*ACTIVITY:* Each line of the data that mentions the string "IfcRepresentationMap" needs to be identified and copied.

Entries taken from a collection
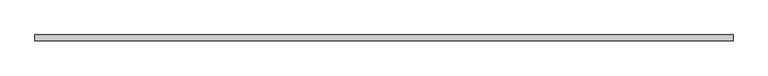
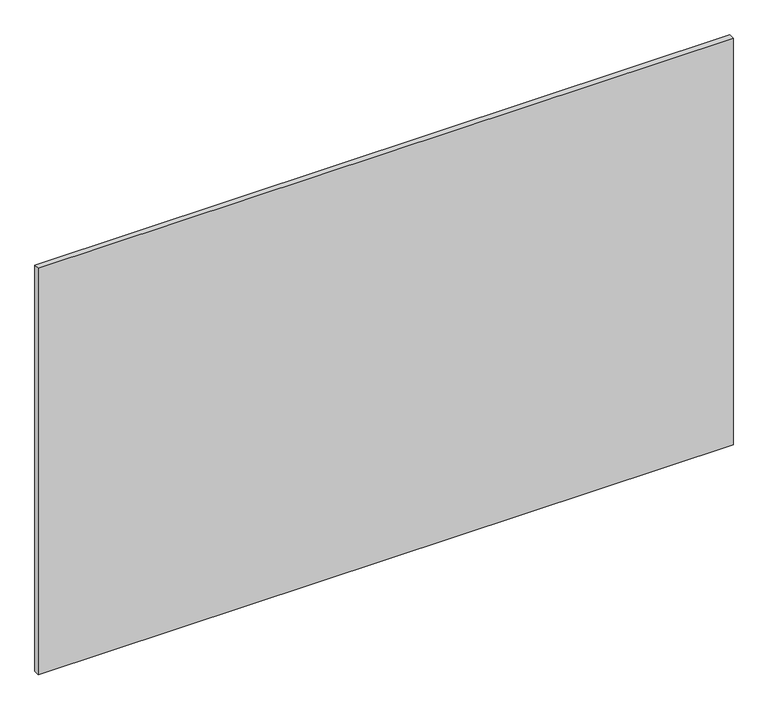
"""IFC4 building model written with IfcOpenShell, lengths in millimetres: plate geometry, Vitré."""

import ifcopenshell
import ifcopenshell.guid

model = None  # the IFC model being written
_history = None  # IfcOwnerHistory: only IFC2X3 demands one
_inside = {}  # id of a spatial element -> (the spatial element, [elements in it])
_under = {}  # id of a project, library or spatial element -> (it, [spatial elements below it])
_declared = {}  # id of a project -> (the project, [libraries it declares])
_typed = {}  # id of a type object -> (the type object, [elements of that type])
_made_of = {}  # id of a material, layer set ... -> (it, [elements and type objects made of it])


def new_model(schema):
    """Start an empty IFC model of exactly this schema.

    Asked for "IFC4X3", IfcOpenShell would pick the latest addendum, in which some entities
    have other attributes; the version numbers below select the first issue.
    IFC2X3 requires an IfcOwnerHistory on every rooted entity: one is made here for all.
    """
    global model, _history
    if schema == "IFC4X3":
        model = ifcopenshell.file(schema_version=(4, 3, 0, 0))
    else:
        model = ifcopenshell.file(schema=schema)
    _inside.clear()
    _under.clear()
    _declared.clear()
    _typed.clear()
    _made_of.clear()
    _history = None
    if model.schema == "IFC2X3":
        org = make("IfcOrganization", Name="unknown")
        user = make(
            "IfcPersonAndOrganization",
            ThePerson=make("IfcPerson", FamilyName="unknown"),
            TheOrganization=org,
        )
        app = make(
            "IfcApplication",
            ApplicationDeveloper=org,
            Version="unknown",
            ApplicationFullName="unknown",
            ApplicationIdentifier="unknown",
        )
        _history = make(
            "IfcOwnerHistory",
            OwningUser=user,
            OwningApplication=app,
            ChangeAction="ADDED",
            CreationDate=0,
        )
    return model


def make(cls, **values):
    """One entity of the class cls with the attributes given. An attribute that is None is left unset."""
    return model.create_entity(
        cls, **{name: value for name, value in values.items() if value is not None}
    )


def rooted(cls, **values):
    """An entity with a GlobalId (a new one), such as an element, a storey or a relation."""
    return make(cls, GlobalId=ifcopenshell.guid.new(), OwnerHistory=_history, **values)


def si_unit(unit_type, name, prefix=None):
    """IfcSIUnit, for example si_unit("LENGTHUNIT", "METRE", prefix="MILLI")."""
    return make("IfcSIUnit", UnitType=unit_type, Prefix=prefix, Name=name)


def assignment(units):
    """IfcUnitAssignment: the units of a project."""
    return None if units is None else make("IfcUnitAssignment", Units=units)


def point(xyz):
    """IfcCartesianPoint."""
    return None if xyz is None else make("IfcCartesianPoint", Coordinates=xyz)


def direction(xyz):
    """IfcDirection."""
    return None if xyz is None else make("IfcDirection", DirectionRatios=xyz)


def frame(location, z_axis=None, x_axis=None):
    """IfcAxis2Placement3D, a coordinate frame: its origin and axes. An axis left out is left unset."""
    return make(
        "IfcAxis2Placement3D",
        Location=point(location),
        Axis=direction(z_axis),
        RefDirection=direction(x_axis),
    )


def origin():
    """The frame at (0, 0, 0) with its axes left unset."""
    return frame((0.0, 0.0, 0.0))


def origin_with_axes():
    """The frame at (0, 0, 0) with the z axis (0, 0, 1) and the x axis (1, 0, 0) written out."""
    return frame((0.0, 0.0, 0.0), z_axis=(0.0, 0.0, 1.0), x_axis=(1.0, 0.0, 0.0))


def place(relative_to, where):
    """IfcLocalPlacement: puts the frame where relative to a parent placement (None: the world)."""
    return make(
        "IfcLocalPlacement", PlacementRelTo=relative_to, RelativePlacement=where
    )


def context(
    kind, dimensions, precision=None, world=None, true_north=None, identifier=None
):
    """IfcGeometricRepresentationContext, for example the 3D "Model" context."""
    return make(
        "IfcGeometricRepresentationContext",
        ContextIdentifier=identifier,
        ContextType=kind,
        CoordinateSpaceDimension=dimensions,
        Precision=precision,
        WorldCoordinateSystem=world,
        TrueNorth=true_north,
    )


def project(units=None, contexts=None):
    """IfcProject with its units and contexts."""
    return rooted(
        "IfcProject",
        Name="project",
        RepresentationContexts=contexts,
        UnitsInContext=assignment(units),
    )


def spatial(cls, under=None, at=None, **own):
    """A site, building, storey or space (cls), placed at a placement, below another one or the project."""
    s = rooted(cls, ObjectPlacement=at, **own)
    if under is not None:
        _under.setdefault(under.id(), (under, []))[1].append(s)
    return s


def polyline(points):
    """IfcPolyline through the points."""
    return make("IfcPolyline", Points=[point(p) for p in points])


def outline(outer, holes=None, kind="AREA"):
    """IfcArbitraryClosedProfileDef: a profile drawn as a closed curve; with holes, ...WithVoids."""
    if holes is None:
        return make("IfcArbitraryClosedProfileDef", ProfileType=kind, OuterCurve=outer)
    return make(
        "IfcArbitraryProfileDefWithVoids",
        ProfileType=kind,
        OuterCurve=outer,
        InnerCurves=holes,
    )


def extrude(swept, where, along, depth):
    """IfcExtrudedAreaSolid: the profile swept, set in the frame where, extruded along a direction by depth."""
    return make(
        "IfcExtrudedAreaSolid",
        SweptArea=swept,
        Position=where,
        ExtrudedDirection=direction(along),
        Depth=depth,
    )


def shape(context_of_items, identifier, shape_type, items):
    """IfcShapeRepresentation: the items that make up one representation, for example the "Body"."""
    return make(
        "IfcShapeRepresentation",
        ContextOfItems=context_of_items,
        RepresentationIdentifier=identifier,
        RepresentationType=shape_type,
        Items=items,
    )


def source(mapping_origin, context_of_items, identifier, shape_type, items):
    """IfcRepresentationMap: a shape defined once, which mapped items show again and again."""
    return make(
        "IfcRepresentationMap",
        MappingOrigin=mapping_origin,
        MappedRepresentation=shape(context_of_items, identifier, shape_type, items),
    )


def transform(
    local_origin,
    x_axis=None,
    y_axis=None,
    z_axis=None,
    scale=None,
    scale2=None,
    scale3=None,
    uniform=True,
):
    """IfcCartesianTransformationOperator3D, or its non-uniform kind. x_axis, y_axis, z_axis: its Axis1, 2, 3."""
    if uniform:
        return make(
            "IfcCartesianTransformationOperator3D",
            Axis1=direction(x_axis),
            Axis2=direction(y_axis),
            LocalOrigin=point(local_origin),
            Scale=scale,
            Axis3=direction(z_axis),
        )
    return make(
        "IfcCartesianTransformationOperator3DnonUniform",
        Axis1=direction(x_axis),
        Axis2=direction(y_axis),
        LocalOrigin=point(local_origin),
        Scale=scale,
        Axis3=direction(z_axis),
        Scale2=scale2,
        Scale3=scale3,
    )


def mapped(mapping_source, mapping_target):
    """IfcMappedItem: shows the shape of a source again, moved by a transform."""
    return make(
        "IfcMappedItem", MappingSource=mapping_source, MappingTarget=mapping_target
    )


def made_of(thing, what):
    """Note that an element or type object is made of a material, layer set ...; save() writes the relation."""
    if what is not None:
        _made_of.setdefault(what.id(), (what, []))[1].append(thing)
    return thing


def element(
    cls,
    number,
    at=None,
    inside=None,
    cuts=None,
    type_object=None,
    material=None,
    context=None,
    identifier="Body",
    shape_type=None,
    held_by="IfcProductDefinitionShape",
    body=None,
    shapes=None,
    **own,
):
    """One element of the class cls, such as IfcWall. Its Tag is "e" and its number.

    at: its placement. inside: the storey or other place that contains it. cuts: it is an
    opening in that element (IfcRelVoidsElement). A single representation is given by context,
    identifier, shape_type and body (its items); several are given by shapes. held_by: the class
    of the entity that holds the representations. save() writes the other relations.
    """
    e = rooted(cls, Tag="e%d" % number, ObjectPlacement=at, **own)
    if body is not None:
        shapes = [shape(context, identifier, shape_type, body)]
    if shapes is not None:
        e.Representation = make(held_by, Representations=shapes)
    if inside is not None:
        _inside.setdefault(inside.id(), (inside, []))[1].append(e)
    if cuts is not None:
        rooted(
            "IfcRelVoidsElement", RelatingBuildingElement=cuts, RelatedOpeningElement=e
        )
    if type_object is not None:
        _typed.setdefault(type_object.id(), (type_object, []))[1].append(e)
    return made_of(e, material)


def aggregate(whole, parts):
    """IfcRelAggregates: a whole, such as a stair, and the parts it consists of."""
    return rooted("IfcRelAggregates", RelatingObject=whole, RelatedObjects=parts)


def save(model, path):
    """Write the relations noted so far, then the file.

    IfcRelAggregates (storeys below a building ...), IfcRelContainedInSpatialStructure (elements
    in a storey), IfcRelDefinesByType, IfcRelAssociatesMaterial and IfcRelDeclares: one each for
    every whole, place, type object, material and project.
    """
    for whole, parts in _under.values():
        aggregate(whole, parts)
    for where, things in _inside.values():
        rooted(
            "IfcRelContainedInSpatialStructure",
            RelatedElements=things,
            RelatingStructure=where,
        )
    for kind, things in _typed.values():
        rooted("IfcRelDefinesByType", RelatedObjects=things, RelatingType=kind)
    for what, things in _made_of.values():
        rooted("IfcRelAssociatesMaterial", RelatedObjects=things, RelatingMaterial=what)
    for by, libraries in _declared.values():
        rooted("IfcRelDeclares", RelatingContext=by, RelatedDefinitions=libraries)
    model.write(path)


def plate_d7072fa1(model_context):
    return source(origin(), model_context, "Body", "SweptSolid", [
        extrude(outline(polyline([(-2450.0, -20.0), (-2450.0, 20.0), (2450.0, 20.0), (2450.0, -20.0), (-2450.0, -20.0)])), origin_with_axes(), (0.0, 0.0, 1.0), 3030.0),
    ])


if __name__ == "__main__":
    model = new_model("IFC4")
    model_context = context("Model", 3, world=origin())
    ifc_project = project(units=[si_unit("LENGTHUNIT", "METRE", prefix="MILLI")], contexts=[model_context])
    site = spatial("IfcSite", under=ifc_project)
    building = spatial("IfcBuilding", under=site)
    placement = place(None, origin())
    plate_shape = plate_d7072fa1(model_context)
    element("IfcPlate", 1, ObjectType="Vitré", at=placement, inside=building, context=model_context, shape_type="MappedRepresentation", body=[
        mapped(plate_shape, transform((0.0, 0.0, 0.0), x_axis=(1.0, 0.0, 0.0), y_axis=(0.0, 1.0, 0.0), z_axis=(0.0, 0.0, 1.0))),
    ])
    save(model, "model.ifc")

*RESPONSE FOR THIS EXERCISE:*
    """IfcRepresentationMap: a shape defined once, which mapped items show again and again."""
        "IfcRepresentationMap",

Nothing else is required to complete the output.